GIVEN RECORDS:
===

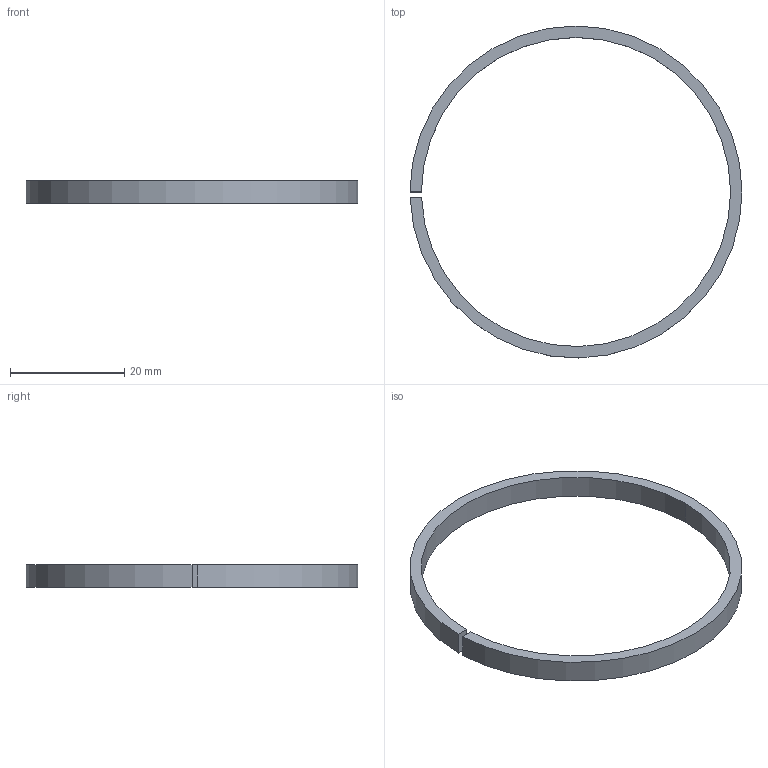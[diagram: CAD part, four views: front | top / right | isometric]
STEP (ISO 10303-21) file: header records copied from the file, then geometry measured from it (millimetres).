
FILE_DESCRIPTION(/* description */ ('VariCAD 2008 3.04 AP-203'),/* implementation_level */ '2;1');
FILE_NAME(/* name */ '0353-19-08',/* time_stamp */ '2009-04-22T19:18:09-06:00',/* author */ (''),/* organization */ (''),/* preprocessor_version */ 'ST-DEVELOPER v12',/* originating_system */ 'VariCAD 2008 3.04; kernel version (20080715)',/* authorisation */ '');
FILE_SCHEMA (('CONFIG_CONTROL_DESIGN'));
Length unit declared in the file: millimetre
Products named in the file (1): Part
Bounding box: 58 x 58 x 4 mm (x, y, z)
Volume: 1399.4 mm3; surface area: 2115.2 mm2
Topology: 1 solids, 1 shells, 8 faces, 18 edges, 12 vertices
Faces by surface type: cylinder 4, plane 4
Entity records: 276 total; most frequent: DIRECTION 46, CARTESIAN_POINT 40, ORIENTED_EDGE 36, EDGE_CURVE 18, AXIS2_PLACEMENT_3D 18, VERTEX_POINT 12, LINE 10, VECTOR 10

===

EXERCISE INSTRUCTIONS: Print every line of the listing exactly, please, and leave the images out.

FINISHED TASK:
[diagram: CAD part, four views: front | top / right | isometric]
STEP (ISO 10303-21) file: header records copied from the file, then geometry measured from it (millimetres).
FILE_DESCRIPTION(/* description */ ('VariCAD 2008 3.04 AP-203'),/* implementation_level */ '2;1');
FILE_NAME(/* name */ '0353-19-08',/* time_stamp */ '2009-04-22T19:18:09-06:00',/* author */ (''),/* organization */ (''),/* preprocessor_version */ 'ST-DEVELOPER v12',/* originating_system */ 'VariCAD 2008 3.04; kernel version (20080715)',/* authorisation */ '');
FILE_SCHEMA (('CONFIG_CONTROL_DESIGN'));
Length unit declared in the file: millimetre
Products named in the file (1): Part
Bounding box: 58 x 58 x 4 mm (x, y, z)
Volume: 1399.4 mm3; surface area: 2115.2 mm2
Topology: 1 solids, 1 shells, 8 faces, 18 edges, 12 vertices
Faces by surface type: cylinder 4, plane 4
Entity records: 276 total; most frequent: DIRECTION 46, CARTESIAN_POINT 40, ORIENTED_EDGE 36, EDGE_CURVE 18, AXIS2_PLACEMENT_3D 18, VERTEX_POINT 12, LINE 10, VECTOR 10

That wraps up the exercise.